- [Dataset excerpts]
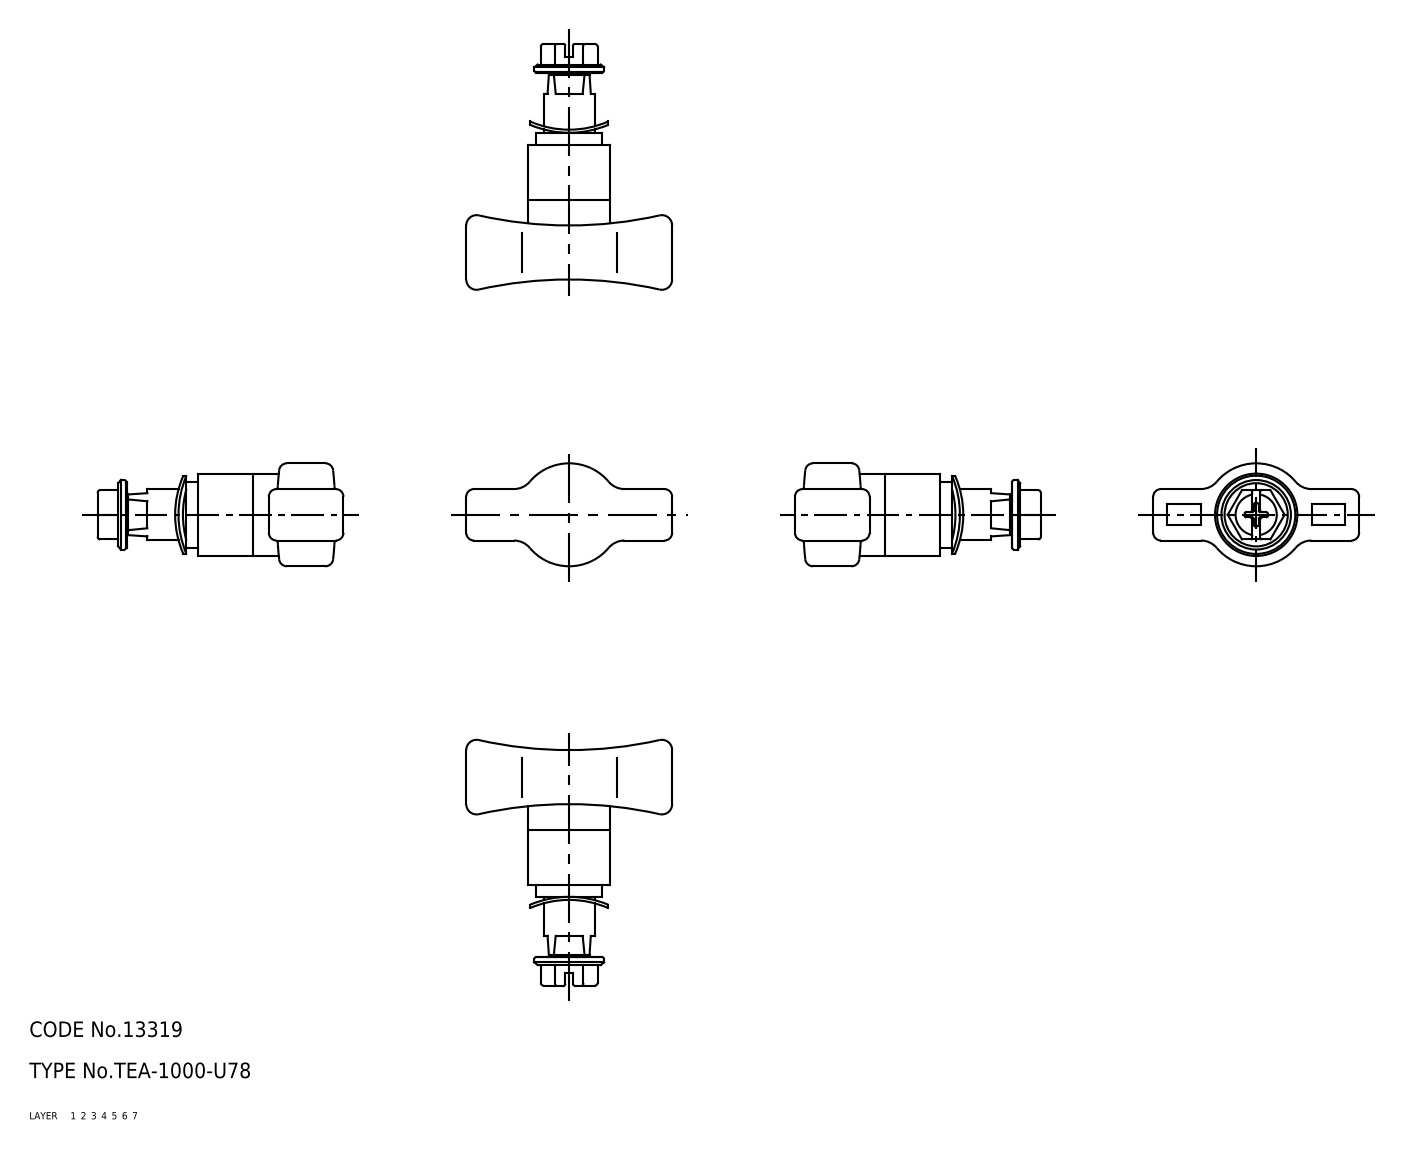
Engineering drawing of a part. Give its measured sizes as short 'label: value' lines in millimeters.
name: knob
written by: CADfix (AUTOMOTIVE_DESIGN)
unit: mm
bodies: 1 solid, 190 faces (0 planar, 0 cylindrical, 190 other)
size: 47.75 × 40 × 20
volume: 10 358 mm³; area: 4 346 mm²
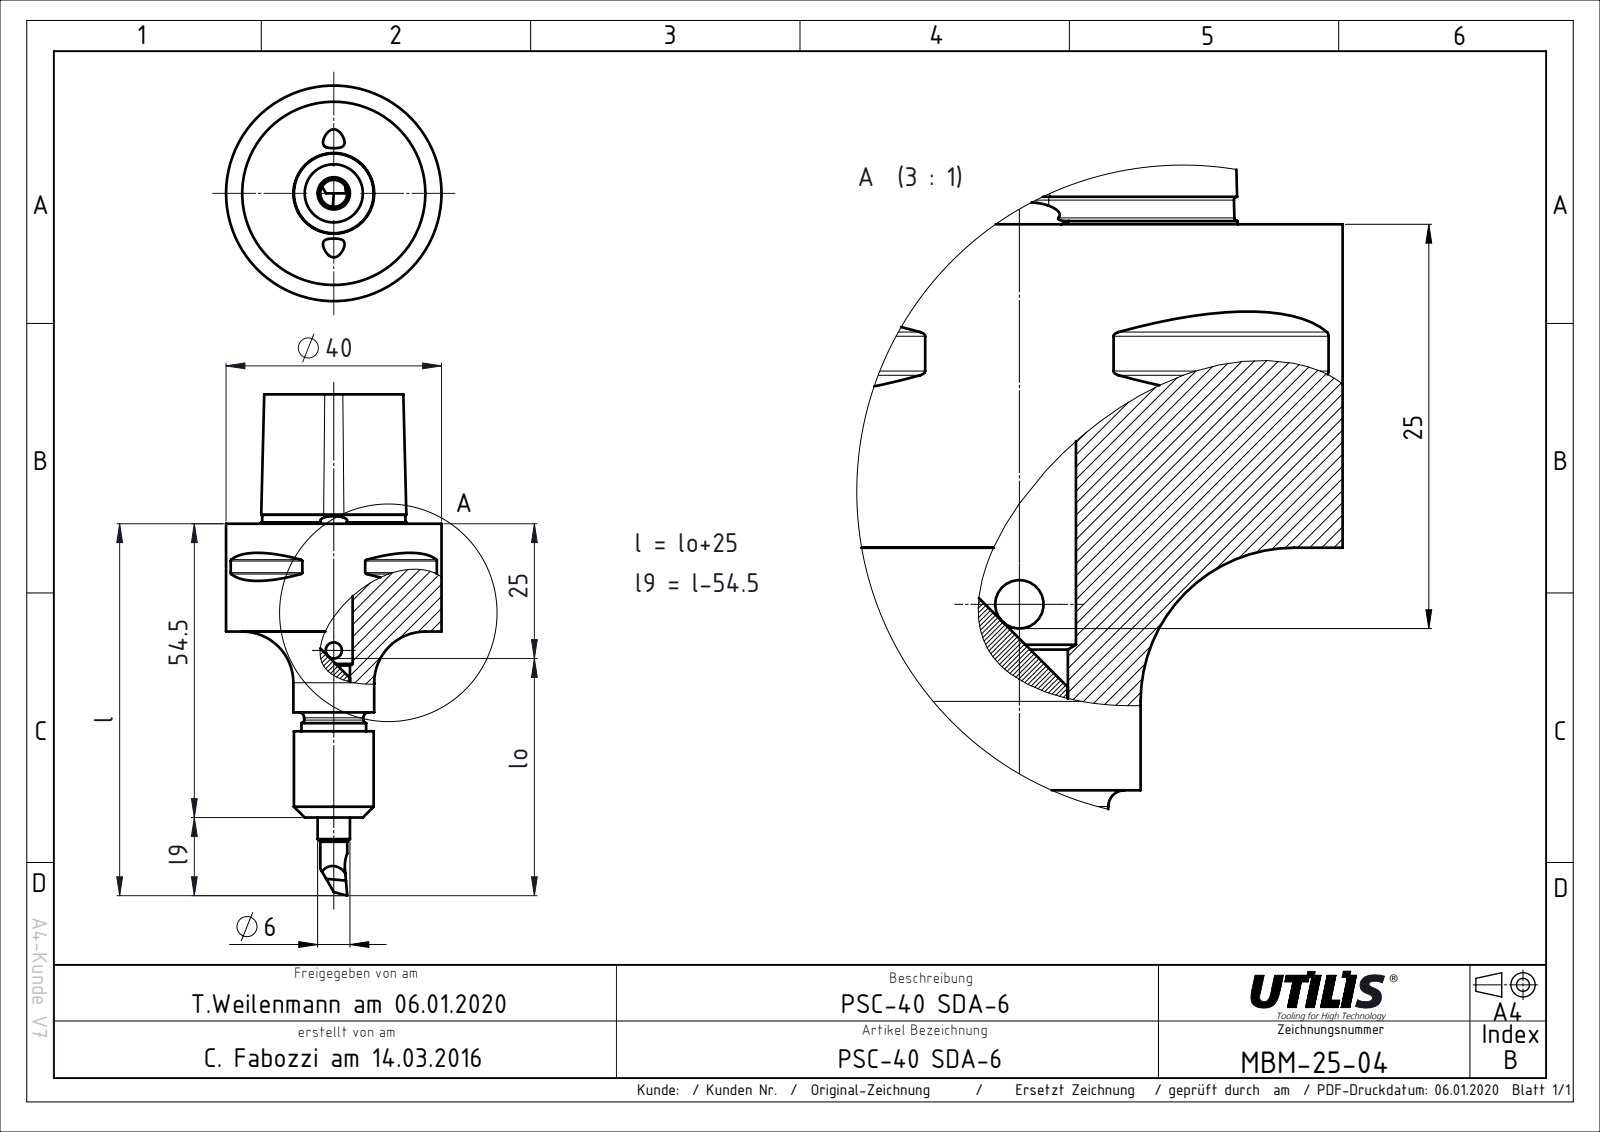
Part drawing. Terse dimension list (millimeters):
name: MBM-25 PSC40_SDA6
written by: SolidWorks 2015 (AUTOMOTIVE_DESIGN)
unit: mm
bodies: 1 solid, 137 faces (28 planar, 31 cylindrical, 78 other)
size: 93 × 40 × 40
volume: 41 839 mm³; area: 9 459 mm²
holes: 1× ⌀4.6, 1× ⌀18, 1× ⌀20
bosses: 1× ⌀40, 1× ⌀34, 1× ⌀15, 1× ⌀14.8, 1× ⌀12, 1× ⌀11, 1× ⌀6, 1× ⌀5
rounds: 8× R0.3, 1× R3
face distances: 20, 24, 44, 15.51, 35.3, 78.5, 54.5, 34.5, 62.5, 38.5
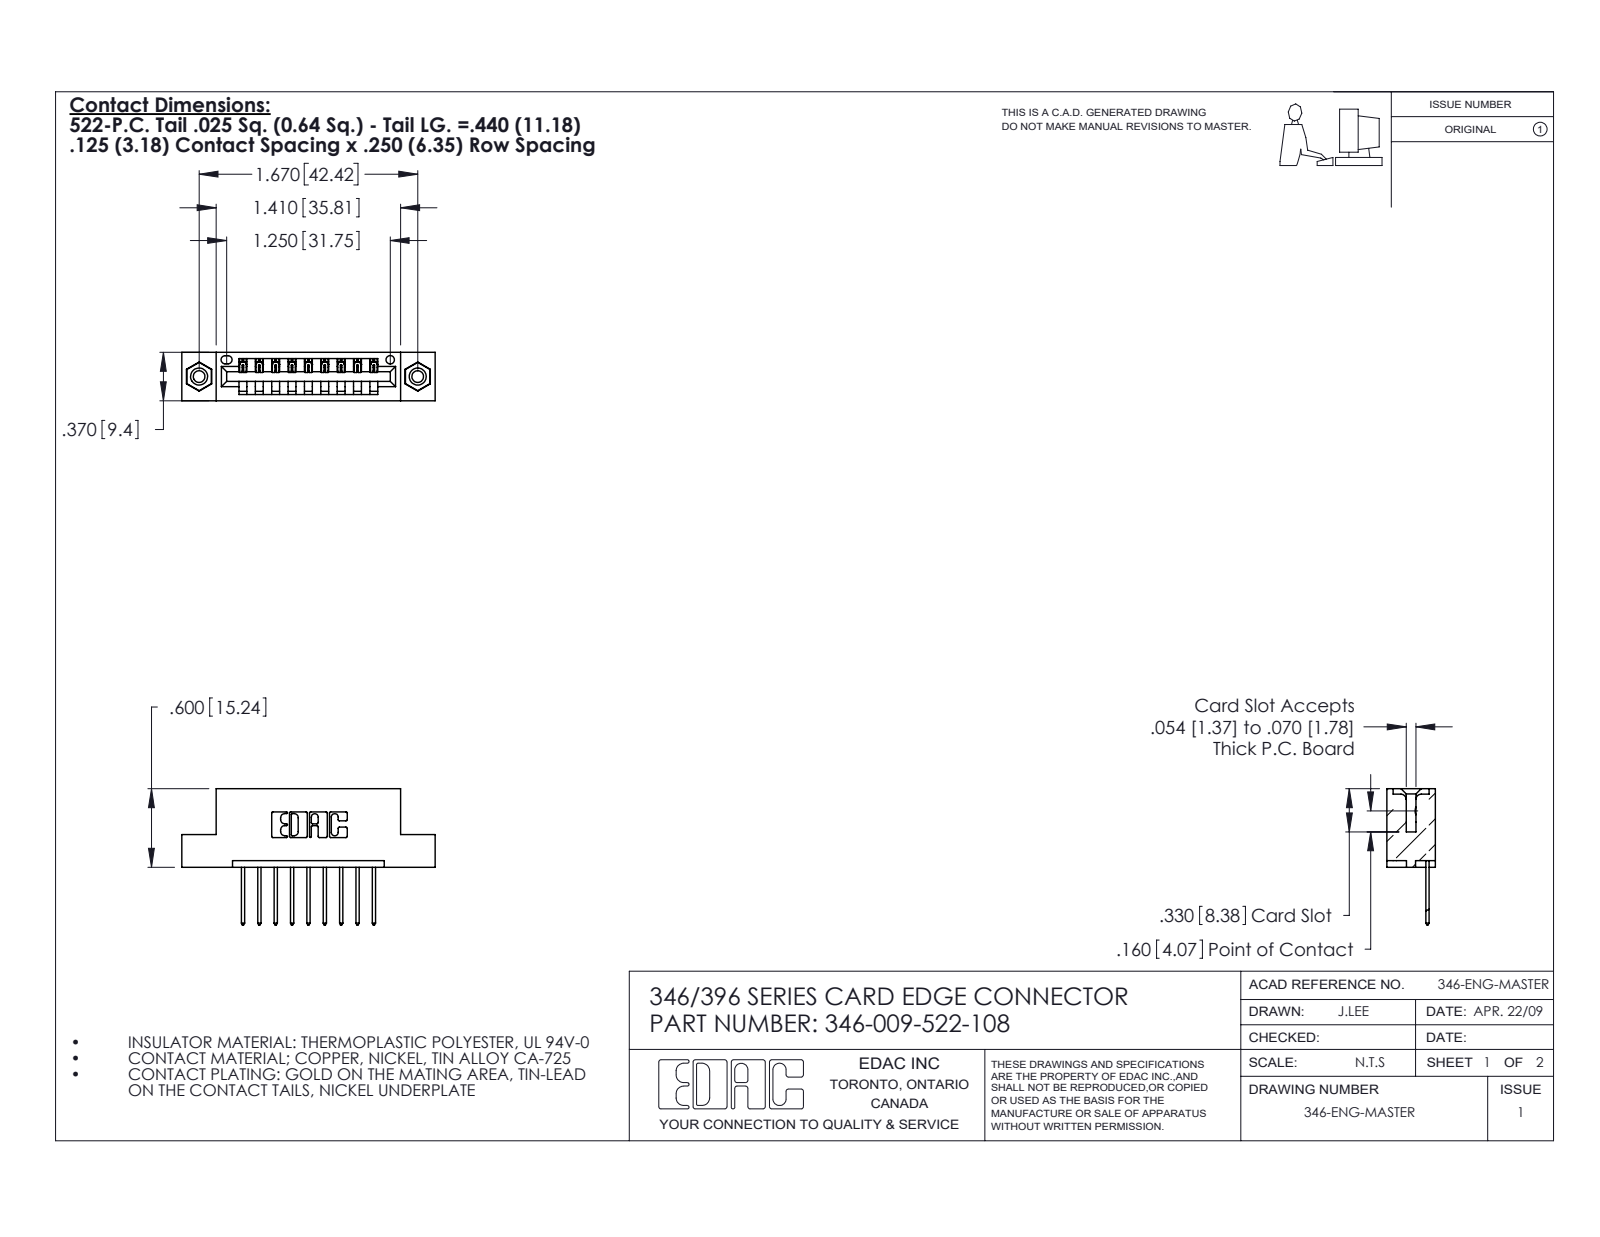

- [EXERCISE INSTRUCTIONS]
Write the data above out again exactly, every line of it, and exclude the pictures.

- [TASK ANSWER]
Engineering drawing of a part. Give its measured sizes as short 'label: value' lines in millimeters.
name: knob
written by: CADfix (AUTOMOTIVE_DESIGN)
unit: mm
bodies: 1 solid, 190 faces (0 planar, 0 cylindrical, 190 other)
size: 47.75 × 40 × 20
volume: 10 358 mm³; area: 4 346 mm²
Part drawing. Terse dimension list (millimeters):
name: MBM-25 PSC40_SDA6
written by: SolidWorks 2015 (AUTOMOTIVE_DESIGN)
unit: mm
bodies: 1 solid, 137 faces (28 planar, 31 cylindrical, 78 other)
size: 93 × 40 × 40
volume: 41 839 mm³; area: 9 459 mm²
holes: 1× ⌀4.6, 1× ⌀18, 1× ⌀20
bosses: 1× ⌀40, 1× ⌀34, 1× ⌀15, 1× ⌀14.8, 1× ⌀12, 1× ⌀11, 1× ⌀6, 1× ⌀5
rounds: 8× R0.3, 1× R3
face distances: 20, 24, 44, 15.51, 35.3, 78.5, 54.5, 34.5, 62.5, 38.5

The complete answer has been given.